The Role of Experts in Proving Appellate Attorney’s Fees

You’ve won your appeal. You’ve gotten an award entitling you to appellate attorney’s fees. And now, you have to prove up what your attorney’s efforts are going to cost the other side. This is a case of “you have to spend money to make money” — because if you do not pay an expert to testify to the reasonablness of the fee, your award will be in jeopardy.

Experts Are Required to Prove Reasonablness of Fees

In Sourcetrack, LLC v. Ariba, Inc., 34 So.2d 766 (Fla. 2d DCA May 7, 2010) [.pdf], the Court struck a $302,617.75 award of appellate attorney’s fees because the party entitled to fees failed to present any expert testimony regarding the reasonable and necessary attorney’s fees. The Second DCA held that while a trial court has discretion in awarding attorney’s fees, that discretion can only be exercised based upon the evidence in the record. (Other DCA’s may be more lax on this, but why take a chance?). The Court also admonished that the award will be limited to what is considered a fair fee for a competant local attorney — so if you bring in expensive counsel from out of state, don’t expect to get reimbursed for their full fees.

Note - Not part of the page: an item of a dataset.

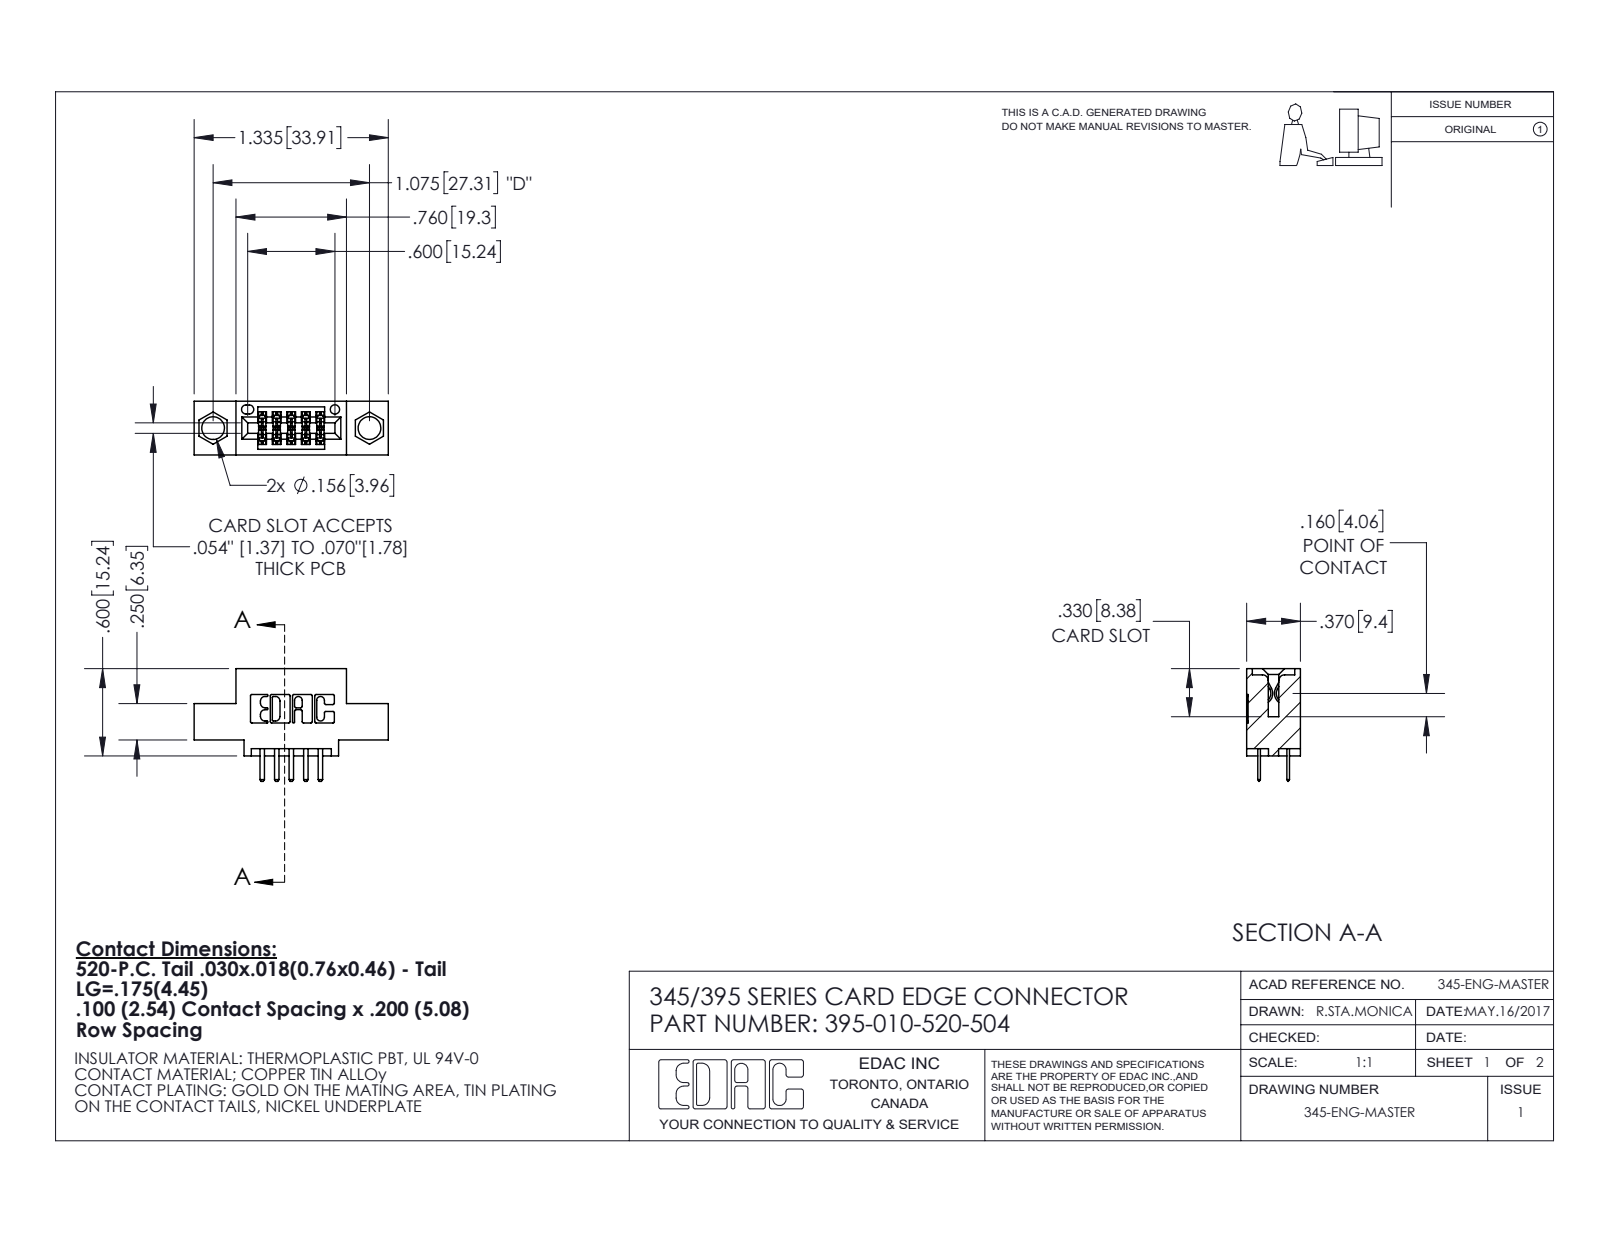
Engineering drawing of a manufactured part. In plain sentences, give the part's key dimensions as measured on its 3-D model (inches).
The part is named "395-010-520-504; 345 Part_0.110 Offset - 0.156 Dia-TI; 345-292-001_345-293-120". Its 3-D file was written by "SolidWorks 2020 (CONFIG_CONTROL_DESIGN)". It is 11 solids with 684 faces: 448 planar, 236 cylindrical and 0 other. Overall it measures 1.335 by 0.775 by 0.37 inches. Its volume is 0.169 cubic inches and its surface area 5.128 square inches. Round holes: 2 of diameter 0.156, 1 of diameter 0.064. Partial cylindrical surfaces (rounded edges, fillets, slot ends): 22 of radius 0.01, 15 of radius 0.006, 14 of radius 0.01, 6 of radius 0.007, 6 of radius 0.031, 3 of radius 0.026, 2 of radius 0.014, 2 of radius 0.019. The main face-to-face distances are 0.2, 0.37, 0.298, 0.072, 0.1, 0.25, 0.025, 0.098, 0.272, 0.06. The hole center spacings are 0.27, 0.847, 1.075.

What Is a Reasonable Attorney’s Fee?

Not a month later, the Second District overturned another award of fees, but this time, for being too low. In D’Alusio v. Gould & Lamb LLC, 26 So.2d 842 (Fla. 2d DCA June 2, 2010) [.pdf], the Court held that the trial court abused its discretion in awarding only $6,875 in fees where the parties and their experts pretty much agreed that the attorneys should reasonably be reimbursed for around 85 hours at $275-450 an hour for their work, for a total of $20-25,000. The Court held:

the circuit court abused its discretion in drastically reducing the number of hours that was reasonable for this appeal, in contravention of the amount agreed to by both experts, without any specific findings. Although the judge was not bound by the expert opinions or attorney affidavits in setting the award, the record is totally devoid of any evidence to support a conclusion that the award was reasonable.

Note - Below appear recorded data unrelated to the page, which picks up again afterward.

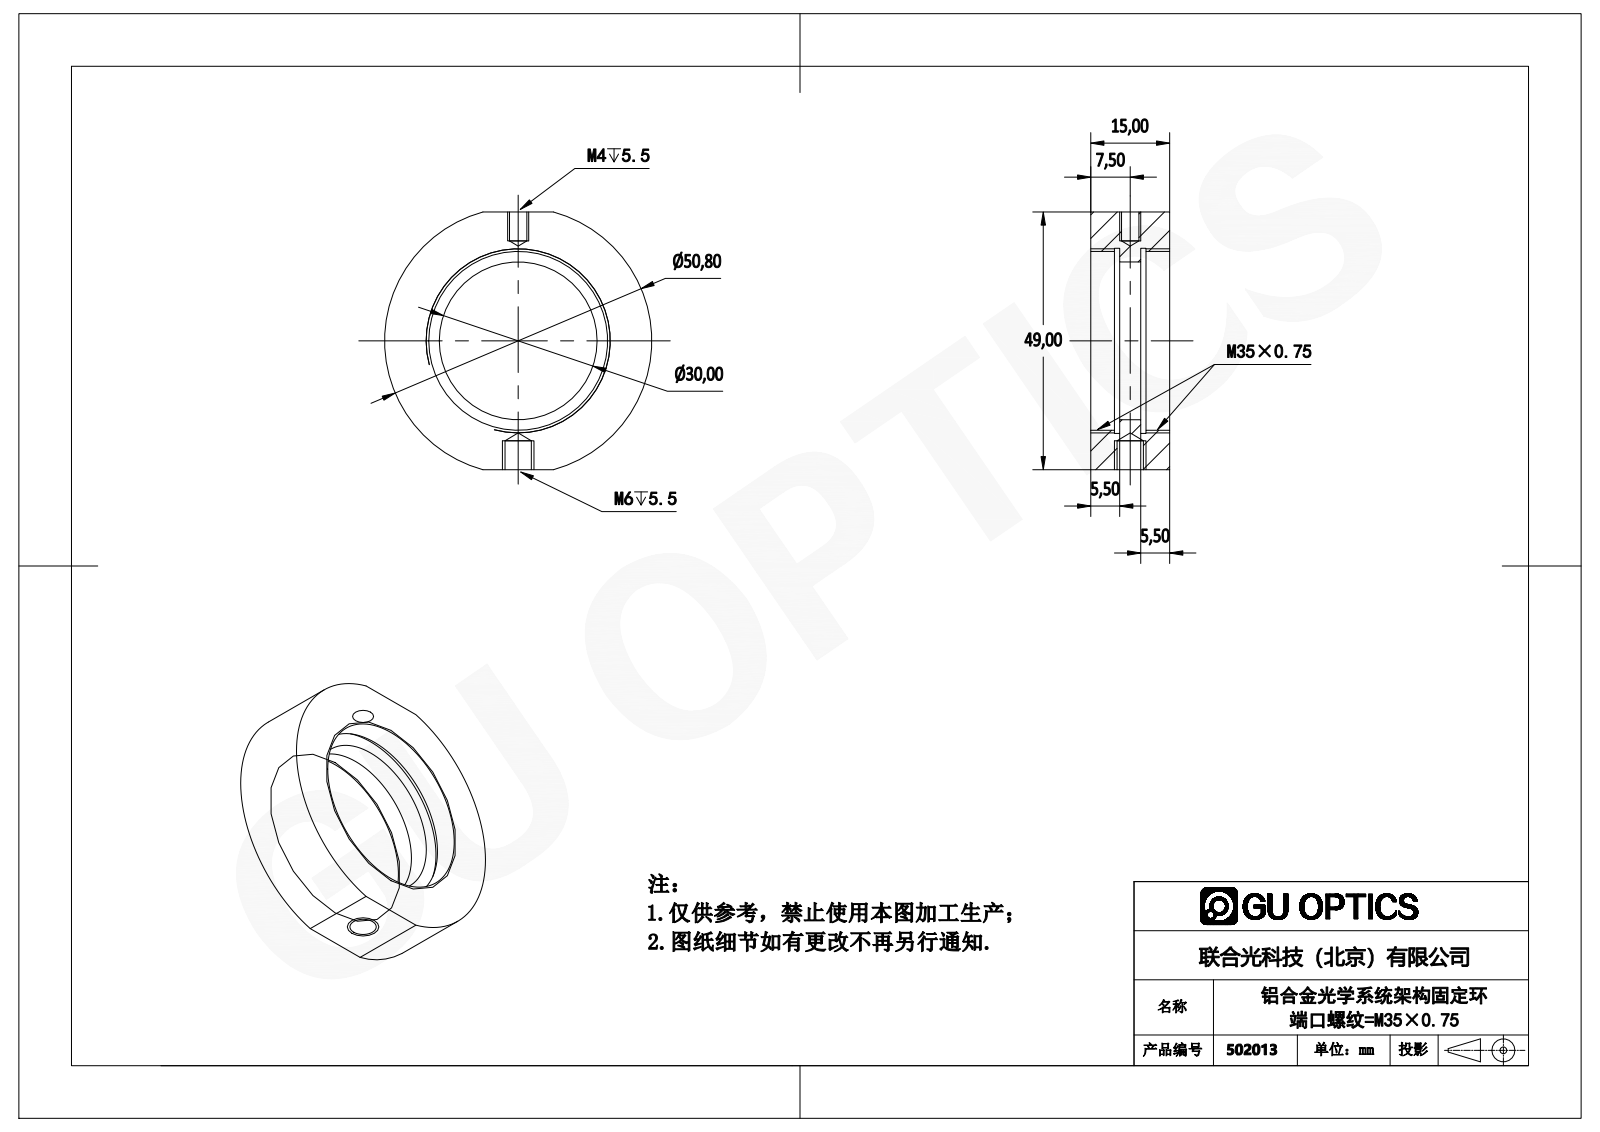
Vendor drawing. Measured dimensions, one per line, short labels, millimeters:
name: 502013
written by: SolidWorks 2016 (CONFIG_CONTROL_DESIGN)
unit: mm
bodies: 1 solid, 29 faces (8 planar, 17 cylindrical, 4 other)
size: 50.8 × 49 × 15
volume: 17 048 mm³; area: 6 965 mm²
holes: 1× ⌀3.3, 1× ⌀5, 1× ⌀30, 1× ⌀34, 1× ⌀35.2
bosses: 1× ⌀50.8
face distances: 15, 5.5, 9.5, 4, 49, 4.5, 10.5, 1, 5, 6
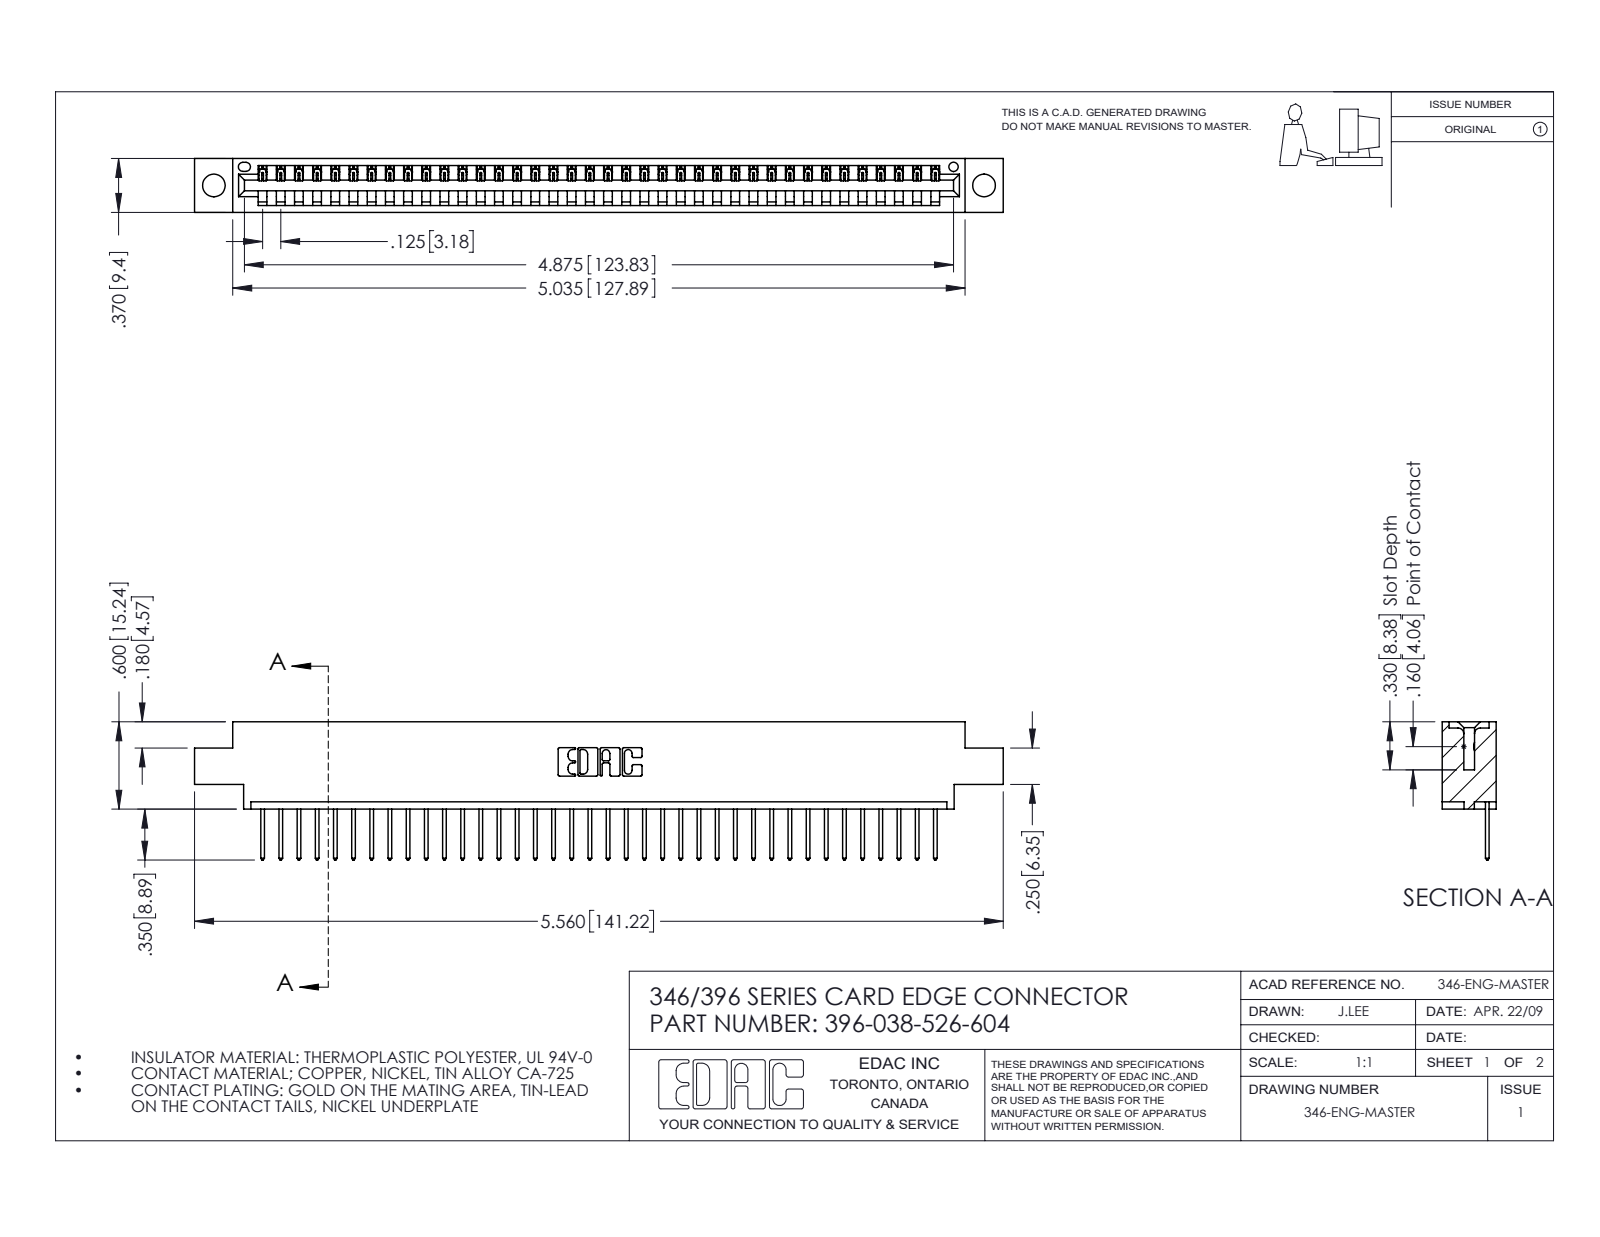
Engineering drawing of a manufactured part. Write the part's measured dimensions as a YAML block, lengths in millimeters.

Do I get Reimbursed for the Expert’s Fees?

The Court also held that the fees paid to the expert to testify as to reasonablenes of attorney’s fees are taxable as costs, and reversed the trial court’s failure to make such an award:

[e]xpert witness fees paid to the testifying expert are not discretionary if the attorney expects to be compensated for his testimony. (citations omitted).

There’s a lot of meat in D’Alusio, so definitely give it a read if you are pursuing attorney’s fees on appeal, especially in the Second DCA. It’s not enough to win an award, you have to prove what the attorney’s time was worth, too.